Two summers ago, my wife and I enjoyed an extended, and very agreeable, weekend in Valencia. What we hadn't realised when making the most of easyjet's decision to add this marvellously historic city to its list of scheduled destinations was that our low-cost jaunt coincided with Valencia's hosting of the America's Cup.

Although neither of us sail, we both love sport and so we went to see what all the fuss was about, catching a tram to Valencia's specially-extended marina.

The place was heaving with people, few of whom could determine precisely what was taking place perhaps a mile out to sea (the large screens in every marina-side bar showed the action in detail), but the sense of being present at a major sporting event and undercurrent of bubbling excitement was palpable. If you're going to watch some sailing for the first time, I'd recommend you catch the America's Cup.

Michael Hutchinson's introduction to the event came in 1983 when the Americans, then enjoying sport's longest-ever unbeaten run of 132 years, were taking on the Australians, racing on board a yacht with a revolutionary keel. The Aussies won, an outcome which persuaded the author that a life as a professional sportsman would suit him - he became a cyclist by default.

Hutchinson writes with a tone that makes the reader feel he's listening to a series of rather pleasant, often extremely funny, anecdotes. He frequently delivers a great turn of phrase, such as when he is "wandering around my mental attic, looking in old suitcases for memories to enjoy" or describing 'posh people' (whatever they are) and their "velvet-lined journey through life."

As a boy, Hutchinson became obsessed with sailing, although this evaporated when he arrived at college and adapted an impressive line in Ian Paisley impersonations in an attempt to charm young females instead.
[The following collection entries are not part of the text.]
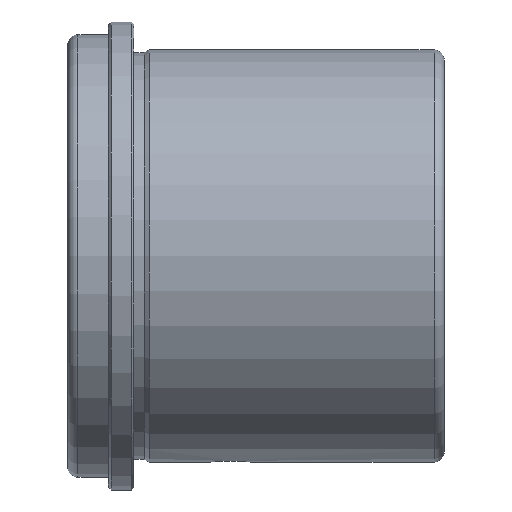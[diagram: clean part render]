
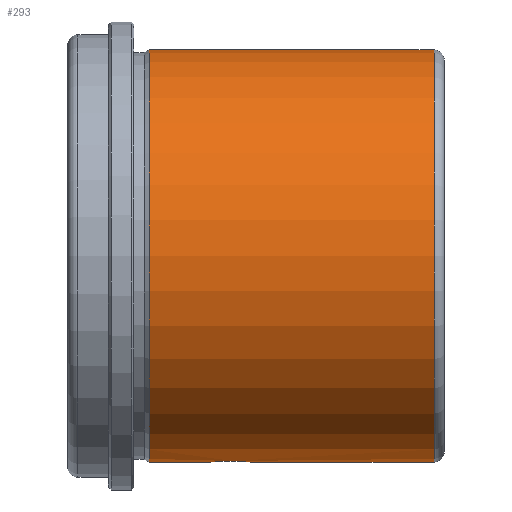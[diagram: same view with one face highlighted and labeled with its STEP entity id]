
A CAD part, top view. The second image highlights one B-rep face of the part: STEP entity #293.
In plain terms, the highlighted cylindrical face has radius 40.5 mm (diameter 81 mm), a full revolution.
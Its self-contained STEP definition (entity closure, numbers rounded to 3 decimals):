
#28=B_SPLINE_CURVE_WITH_KNOTS('',3,(#537,#538,#539,#540,#541,#542,#543,
#544,#545,#546,#547,#548,#549,#550,#551,#552,#553,#554),.UNSPECIFIED.,.F.,
 .F.,(4,2,2,2,2,2,2,2,4),(0.603,0.754,0.905,
1.055,1.206,1.357,1.508,1.659,
1.809),.UNSPECIFIED.);
#29=B_SPLINE_CURVE_WITH_KNOTS('',3,(#558,#559,#560,#561,#562,#563,#564,
#565,#566,#567,#568,#569,#570,#571,#572,#573,#574,#575,#576),
 .UNSPECIFIED.,.F.,.F.,(4,2,2,2,3,2,2,2,4),(1.809,1.96,
2.111,2.262,2.412,2.563,2.714,
2.865,3.016),.UNSPECIFIED.);
#32=LINE('',#535,#43);
#33=LINE('',#556,#44);
#43=VECTOR('',#409,40.5);
#44=VECTOR('',#410,40.5);
#53=CYLINDRICAL_SURFACE('',#343,40.5);
#64=FACE_OUTER_BOUND('',#83,.T.);
#83=EDGE_LOOP('',(#215,#216,#217,#218,#219,#220,#221,#222,#223));
#107=CIRCLE('',#341,40.5);
#108=CIRCLE('',#342,40.5);
#109=CIRCLE('',#344,40.5);
#131=VERTEX_POINT('',#528);
#132=VERTEX_POINT('',#530);
#133=VERTEX_POINT('',#534);
#134=VERTEX_POINT('',#536);
#135=VERTEX_POINT('',#555);
#161=EDGE_CURVE('',#131,#132,#107,.T.);
#162=EDGE_CURVE('',#132,#131,#108,.T.);
#163=EDGE_CURVE('',#132,#133,#32,.T.);
#164=EDGE_CURVE('',#133,#134,#28,.T.);
#165=EDGE_CURVE('',#134,#135,#33,.T.);
#166=EDGE_CURVE('',#135,#135,#109,.T.);
#167=EDGE_CURVE('',#134,#133,#29,.T.);
#215=ORIENTED_EDGE('',*,*,#162,.F.);
#216=ORIENTED_EDGE('',*,*,#163,.T.);
#217=ORIENTED_EDGE('',*,*,#164,.T.);
#218=ORIENTED_EDGE('',*,*,#165,.T.);
#219=ORIENTED_EDGE('',*,*,#166,.T.);
#220=ORIENTED_EDGE('',*,*,#165,.F.);
#221=ORIENTED_EDGE('',*,*,#167,.T.);
#222=ORIENTED_EDGE('',*,*,#163,.F.);
#223=ORIENTED_EDGE('',*,*,#161,.F.);
#293=ADVANCED_FACE('',(#64),#53,.T.);
#341=AXIS2_PLACEMENT_3D('',#531,#403,#404);
#342=AXIS2_PLACEMENT_3D('',#532,#405,#406);
#343=AXIS2_PLACEMENT_3D('',#533,#407,#408);
#344=AXIS2_PLACEMENT_3D('',#557,#411,#412);
#403=DIRECTION('center_axis',(1.,0.,0.));
#404=DIRECTION('ref_axis',(0.,-1.,0.));
#405=DIRECTION('center_axis',(1.,0.,0.));
#406=DIRECTION('ref_axis',(0.,-1.,0.));
#407=DIRECTION('center_axis',(1.,0.,0.));
#408=DIRECTION('ref_axis',(0.,1.,0.));
#409=DIRECTION('',(-1.,0.,0.));
#410=DIRECTION('',(-1.,0.,0.));
#411=DIRECTION('center_axis',(1.,0.,0.));
#412=DIRECTION('ref_axis',(0.,0.,-1.));
#528=CARTESIAN_POINT('',(72.,0.,40.5));
#530=CARTESIAN_POINT('',(72.,-40.5,0.));
#531=CARTESIAN_POINT('Origin',(72.,0.,0.));
#532=CARTESIAN_POINT('Origin',(72.,0.,0.));
#533=CARTESIAN_POINT('Origin',(45.,0.,0.));
#534=CARTESIAN_POINT('',(36.,-40.5,0.));
#535=CARTESIAN_POINT('',(45.,-40.5,0.));
#536=CARTESIAN_POINT('',(28.,-40.5,0.));
#537=CARTESIAN_POINT('Ctrl Pts',(36.,-40.5,0.));
#538=CARTESIAN_POINT('Ctrl Pts',(36.,-40.5,-0.503));
#539=CARTESIAN_POINT('Ctrl Pts',(35.899,-40.49,-1.038));
#540=CARTESIAN_POINT('Ctrl Pts',(35.491,-40.452,-2.024));
#541=CARTESIAN_POINT('Ctrl Pts',(35.183,-40.426,-2.473));
#542=CARTESIAN_POINT('Ctrl Pts',(34.473,-40.376,-3.183));
#543=CARTESIAN_POINT('Ctrl Pts',(34.024,-40.35,-3.491));
#544=CARTESIAN_POINT('Ctrl Pts',(33.038,-40.312,-3.899));
#545=CARTESIAN_POINT('Ctrl Pts',(32.503,-40.302,-4.));
#546=CARTESIAN_POINT('Ctrl Pts',(31.497,-40.302,-4.));
#547=CARTESIAN_POINT('Ctrl Pts',(30.962,-40.312,-3.899));
#548=CARTESIAN_POINT('Ctrl Pts',(29.976,-40.35,-3.491));
#549=CARTESIAN_POINT('Ctrl Pts',(29.527,-40.376,-3.183));
#550=CARTESIAN_POINT('Ctrl Pts',(28.817,-40.426,-2.473));
#551=CARTESIAN_POINT('Ctrl Pts',(28.509,-40.452,-2.024));
#552=CARTESIAN_POINT('Ctrl Pts',(28.101,-40.49,-1.038));
#553=CARTESIAN_POINT('Ctrl Pts',(28.,-40.5,-0.503));
#554=CARTESIAN_POINT('Ctrl Pts',(28.,-40.5,0.));
#555=CARTESIAN_POINT('',(16.,-40.5,0.));
#556=CARTESIAN_POINT('',(45.,-40.5,0.));
#557=CARTESIAN_POINT('Origin',(16.,0.,0.));
#558=CARTESIAN_POINT('Ctrl Pts',(28.,-40.5,0.));
#559=CARTESIAN_POINT('Ctrl Pts',(28.,-40.5,0.503));
#560=CARTESIAN_POINT('Ctrl Pts',(28.101,-40.49,1.038));
#561=CARTESIAN_POINT('Ctrl Pts',(28.509,-40.452,2.024));
#562=CARTESIAN_POINT('Ctrl Pts',(28.817,-40.426,2.473));
#563=CARTESIAN_POINT('Ctrl Pts',(29.527,-40.376,3.183));
#564=CARTESIAN_POINT('Ctrl Pts',(29.976,-40.35,3.491));
#565=CARTESIAN_POINT('Ctrl Pts',(30.962,-40.312,3.899));
#566=CARTESIAN_POINT('Ctrl Pts',(31.497,-40.302,4.));
#567=CARTESIAN_POINT('Ctrl Pts',(32.,-40.302,4.));
#568=CARTESIAN_POINT('Ctrl Pts',(32.503,-40.302,4.));
#569=CARTESIAN_POINT('Ctrl Pts',(33.038,-40.312,3.899));
#570=CARTESIAN_POINT('Ctrl Pts',(34.024,-40.35,3.491));
#571=CARTESIAN_POINT('Ctrl Pts',(34.473,-40.376,3.183));
#572=CARTESIAN_POINT('Ctrl Pts',(35.183,-40.426,2.473));
#573=CARTESIAN_POINT('Ctrl Pts',(35.491,-40.452,2.024));
#574=CARTESIAN_POINT('Ctrl Pts',(35.899,-40.49,1.038));
#575=CARTESIAN_POINT('Ctrl Pts',(36.,-40.5,0.503));
#576=CARTESIAN_POINT('Ctrl Pts',(36.,-40.5,0.));

Yet after succeeding as an accidental cyclist, he falls back in love with sailing. In many respects, this often very funny successor to The Hour , his first book, could be called a 'voyage of re-discovery', one upon which the author is keen for us to embark with him. Booking your berth is recommended, even if your knowledge of sailing extends no further than being enthralled by Captain Birds Eye commercials as a child.

The narrative is laden with character descriptions that ring alarmingly true: there's the prospective boat captain who issued Hutchinson with his four on-board rules. "Easy to remember," he says, "all begin with B: no Birds, Booze, Blasphemy or Buggery. At least not while we're at sea." Then there's a co-crew member Will, who joins the author on a race from Cowes, wearing "electric blue thermal leggings with shorts and sailing boots, and clearly felt this was an acceptable way to be seen in public."

For many years, Hutchinson's only sailing was on a cross-channel ferry. We should be glad he re-discovered his love for 'proper' sailing for his sense of achievement, such as is evident when he arrives at the end of a race in La Rochelle, is uplifting for the reader. Even if the closest you've come to sailing is watching it by mistake on an obscure, late-night satellite channel, you will enjoy this excellent account of an amateur all at sea - in the nicest possible sense, of course.